(TASK STATEMENT)
Reproduce the records below exactly, leaving their images out.

── DATA FOR REVIEW ──

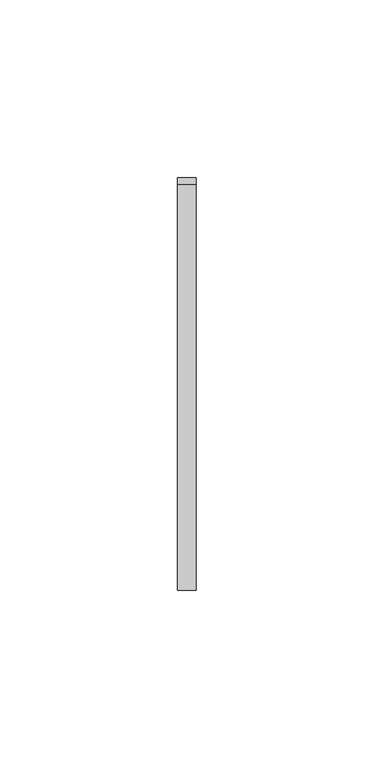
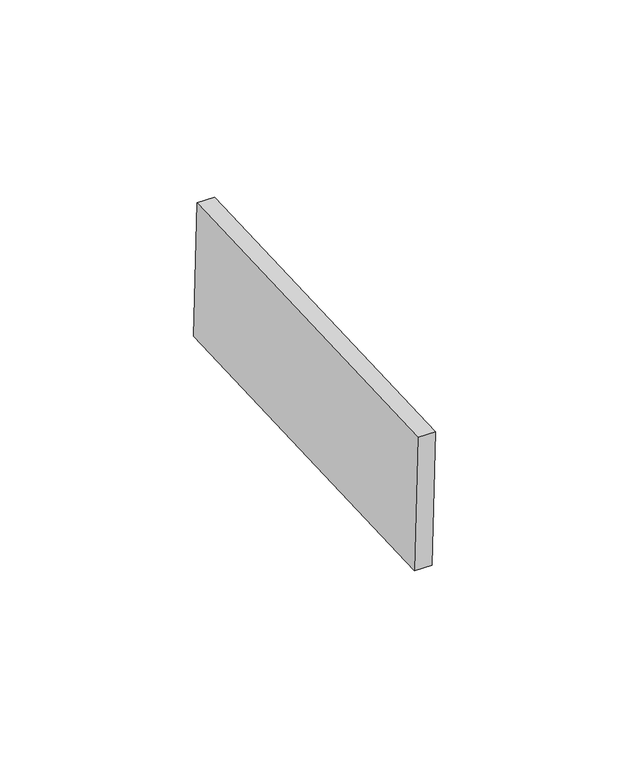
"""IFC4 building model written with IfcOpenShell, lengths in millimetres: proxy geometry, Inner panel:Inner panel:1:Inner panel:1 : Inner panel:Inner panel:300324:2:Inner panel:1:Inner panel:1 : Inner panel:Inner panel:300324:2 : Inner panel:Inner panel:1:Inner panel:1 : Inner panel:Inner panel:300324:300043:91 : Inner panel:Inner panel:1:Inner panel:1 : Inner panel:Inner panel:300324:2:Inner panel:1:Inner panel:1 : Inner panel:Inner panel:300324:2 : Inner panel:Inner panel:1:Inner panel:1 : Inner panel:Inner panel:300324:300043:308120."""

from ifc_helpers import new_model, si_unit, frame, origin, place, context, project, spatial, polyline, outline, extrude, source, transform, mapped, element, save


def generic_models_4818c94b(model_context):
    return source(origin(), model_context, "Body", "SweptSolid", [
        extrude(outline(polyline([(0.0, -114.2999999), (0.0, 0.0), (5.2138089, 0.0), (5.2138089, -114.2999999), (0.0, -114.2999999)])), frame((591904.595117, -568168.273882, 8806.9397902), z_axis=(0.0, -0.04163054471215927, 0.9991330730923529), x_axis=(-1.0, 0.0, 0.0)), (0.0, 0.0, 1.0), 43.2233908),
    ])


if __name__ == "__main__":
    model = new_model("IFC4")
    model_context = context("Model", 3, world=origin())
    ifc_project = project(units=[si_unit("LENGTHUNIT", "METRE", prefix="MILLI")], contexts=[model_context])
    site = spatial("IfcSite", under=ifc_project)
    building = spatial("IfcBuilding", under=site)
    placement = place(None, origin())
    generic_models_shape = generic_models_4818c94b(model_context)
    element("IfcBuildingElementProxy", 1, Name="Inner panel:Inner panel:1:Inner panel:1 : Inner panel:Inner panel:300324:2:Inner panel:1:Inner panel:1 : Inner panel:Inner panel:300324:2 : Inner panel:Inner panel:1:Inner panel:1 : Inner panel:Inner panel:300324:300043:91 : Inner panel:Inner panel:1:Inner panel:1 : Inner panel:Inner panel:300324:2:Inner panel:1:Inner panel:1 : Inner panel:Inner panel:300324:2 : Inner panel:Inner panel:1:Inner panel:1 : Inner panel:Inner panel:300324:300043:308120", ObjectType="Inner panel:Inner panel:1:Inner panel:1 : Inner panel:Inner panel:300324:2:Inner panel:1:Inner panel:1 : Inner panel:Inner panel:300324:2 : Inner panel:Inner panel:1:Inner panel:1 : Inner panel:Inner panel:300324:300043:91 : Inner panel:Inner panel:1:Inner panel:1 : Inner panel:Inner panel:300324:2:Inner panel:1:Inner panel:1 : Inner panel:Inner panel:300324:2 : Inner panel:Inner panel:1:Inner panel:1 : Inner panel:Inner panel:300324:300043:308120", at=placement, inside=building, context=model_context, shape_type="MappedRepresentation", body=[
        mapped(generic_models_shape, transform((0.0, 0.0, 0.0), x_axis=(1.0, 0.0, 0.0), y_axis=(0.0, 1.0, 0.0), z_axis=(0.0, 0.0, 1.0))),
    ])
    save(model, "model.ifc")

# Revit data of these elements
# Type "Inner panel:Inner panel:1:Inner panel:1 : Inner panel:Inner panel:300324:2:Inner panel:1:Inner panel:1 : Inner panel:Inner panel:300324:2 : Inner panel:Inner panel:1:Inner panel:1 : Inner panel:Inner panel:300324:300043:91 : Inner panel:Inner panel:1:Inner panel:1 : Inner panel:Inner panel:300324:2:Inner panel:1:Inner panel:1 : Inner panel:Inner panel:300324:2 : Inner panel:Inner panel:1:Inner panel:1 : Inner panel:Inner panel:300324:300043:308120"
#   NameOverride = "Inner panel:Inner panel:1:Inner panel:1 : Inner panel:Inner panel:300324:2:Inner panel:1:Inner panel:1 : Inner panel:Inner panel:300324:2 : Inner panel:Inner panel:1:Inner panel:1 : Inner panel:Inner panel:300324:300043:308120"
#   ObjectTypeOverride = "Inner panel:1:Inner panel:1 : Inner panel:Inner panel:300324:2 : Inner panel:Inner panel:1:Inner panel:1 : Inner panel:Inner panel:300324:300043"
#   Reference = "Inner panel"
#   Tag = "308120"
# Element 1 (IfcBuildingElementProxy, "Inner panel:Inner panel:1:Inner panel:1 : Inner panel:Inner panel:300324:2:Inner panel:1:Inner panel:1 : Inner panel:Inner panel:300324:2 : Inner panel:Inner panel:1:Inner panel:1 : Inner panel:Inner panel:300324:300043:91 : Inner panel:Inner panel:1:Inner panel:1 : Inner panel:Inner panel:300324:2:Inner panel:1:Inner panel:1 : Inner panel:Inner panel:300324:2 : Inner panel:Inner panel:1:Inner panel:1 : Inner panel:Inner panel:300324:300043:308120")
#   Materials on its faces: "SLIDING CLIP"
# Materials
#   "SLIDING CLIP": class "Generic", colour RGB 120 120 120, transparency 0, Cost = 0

───

(EXERCISE ANSWER)
"""IFC4 building model written with IfcOpenShell, lengths in millimetres: proxy geometry, Inner panel:Inner panel:1:Inner panel:1 : Inner panel:Inner panel:300324:2:Inner panel:1:Inner panel:1 : Inner panel:Inner panel:300324:2 : Inner panel:Inner panel:1:Inner panel:1 : Inner panel:Inner panel:300324:300043:91 : Inner panel:Inner panel:1:Inner panel:1 : Inner panel:Inner panel:300324:2:Inner panel:1:Inner panel:1 : Inner panel:Inner panel:300324:2 : Inner panel:Inner panel:1:Inner panel:1 : Inner panel:Inner panel:300324:300043:308120."""

from ifc_helpers import new_model, si_unit, frame, origin, place, context, project, spatial, polyline, outline, extrude, source, transform, mapped, element, save


def generic_models_4818c94b(model_context):
    return source(origin(), model_context, "Body", "SweptSolid", [
        extrude(outline(polyline([(0.0, -114.2999999), (0.0, 0.0), (5.2138089, 0.0), (5.2138089, -114.2999999), (0.0, -114.2999999)])), frame((591904.595117, -568168.273882, 8806.9397902), z_axis=(0.0, -0.04163054471215927, 0.9991330730923529), x_axis=(-1.0, 0.0, 0.0)), (0.0, 0.0, 1.0), 43.2233908),
    ])


if __name__ == "__main__":
    model = new_model("IFC4")
    model_context = context("Model", 3, world=origin())
    ifc_project = project(units=[si_unit("LENGTHUNIT", "METRE", prefix="MILLI")], contexts=[model_context])
    site = spatial("IfcSite", under=ifc_project)
    building = spatial("IfcBuilding", under=site)
    placement = place(None, origin())
    generic_models_shape = generic_models_4818c94b(model_context)
    element("IfcBuildingElementProxy", 1, Name="Inner panel:Inner panel:1:Inner panel:1 : Inner panel:Inner panel:300324:2:Inner panel:1:Inner panel:1 : Inner panel:Inner panel:300324:2 : Inner panel:Inner panel:1:Inner panel:1 : Inner panel:Inner panel:300324:300043:91 : Inner panel:Inner panel:1:Inner panel:1 : Inner panel:Inner panel:300324:2:Inner panel:1:Inner panel:1 : Inner panel:Inner panel:300324:2 : Inner panel:Inner panel:1:Inner panel:1 : Inner panel:Inner panel:300324:300043:308120", ObjectType="Inner panel:Inner panel:1:Inner panel:1 : Inner panel:Inner panel:300324:2:Inner panel:1:Inner panel:1 : Inner panel:Inner panel:300324:2 : Inner panel:Inner panel:1:Inner panel:1 : Inner panel:Inner panel:300324:300043:91 : Inner panel:Inner panel:1:Inner panel:1 : Inner panel:Inner panel:300324:2:Inner panel:1:Inner panel:1 : Inner panel:Inner panel:300324:2 : Inner panel:Inner panel:1:Inner panel:1 : Inner panel:Inner panel:300324:300043:308120", at=placement, inside=building, context=model_context, shape_type="MappedRepresentation", body=[
        mapped(generic_models_shape, transform((0.0, 0.0, 0.0), x_axis=(1.0, 0.0, 0.0), y_axis=(0.0, 1.0, 0.0), z_axis=(0.0, 0.0, 1.0))),
    ])
    save(model, "model.ifc")

# Revit data of these elements
# Type "Inner panel:Inner panel:1:Inner panel:1 : Inner panel:Inner panel:300324:2:Inner panel:1:Inner panel:1 : Inner panel:Inner panel:300324:2 : Inner panel:Inner panel:1:Inner panel:1 : Inner panel:Inner panel:300324:300043:91 : Inner panel:Inner panel:1:Inner panel:1 : Inner panel:Inner panel:300324:2:Inner panel:1:Inner panel:1 : Inner panel:Inner panel:300324:2 : Inner panel:Inner panel:1:Inner panel:1 : Inner panel:Inner panel:300324:300043:308120"
#   NameOverride = "Inner panel:Inner panel:1:Inner panel:1 : Inner panel:Inner panel:300324:2:Inner panel:1:Inner panel:1 : Inner panel:Inner panel:300324:2 : Inner panel:Inner panel:1:Inner panel:1 : Inner panel:Inner panel:300324:300043:308120"
#   ObjectTypeOverride = "Inner panel:1:Inner panel:1 : Inner panel:Inner panel:300324:2 : Inner panel:Inner panel:1:Inner panel:1 : Inner panel:Inner panel:300324:300043"
#   Reference = "Inner panel"
#   Tag = "308120"
# Element 1 (IfcBuildingElementProxy, "Inner panel:Inner panel:1:Inner panel:1 : Inner panel:Inner panel:300324:2:Inner panel:1:Inner panel:1 : Inner panel:Inner panel:300324:2 : Inner panel:Inner panel:1:Inner panel:1 : Inner panel:Inner panel:300324:300043:91 : Inner panel:Inner panel:1:Inner panel:1 : Inner panel:Inner panel:300324:2:Inner panel:1:Inner panel:1 : Inner panel:Inner panel:300324:2 : Inner panel:Inner panel:1:Inner panel:1 : Inner panel:Inner panel:300324:300043:308120")
#   Materials on its faces: "SLIDING CLIP"
# Materials
#   "SLIDING CLIP": class "Generic", colour RGB 120 120 120, transparency 0, Cost = 0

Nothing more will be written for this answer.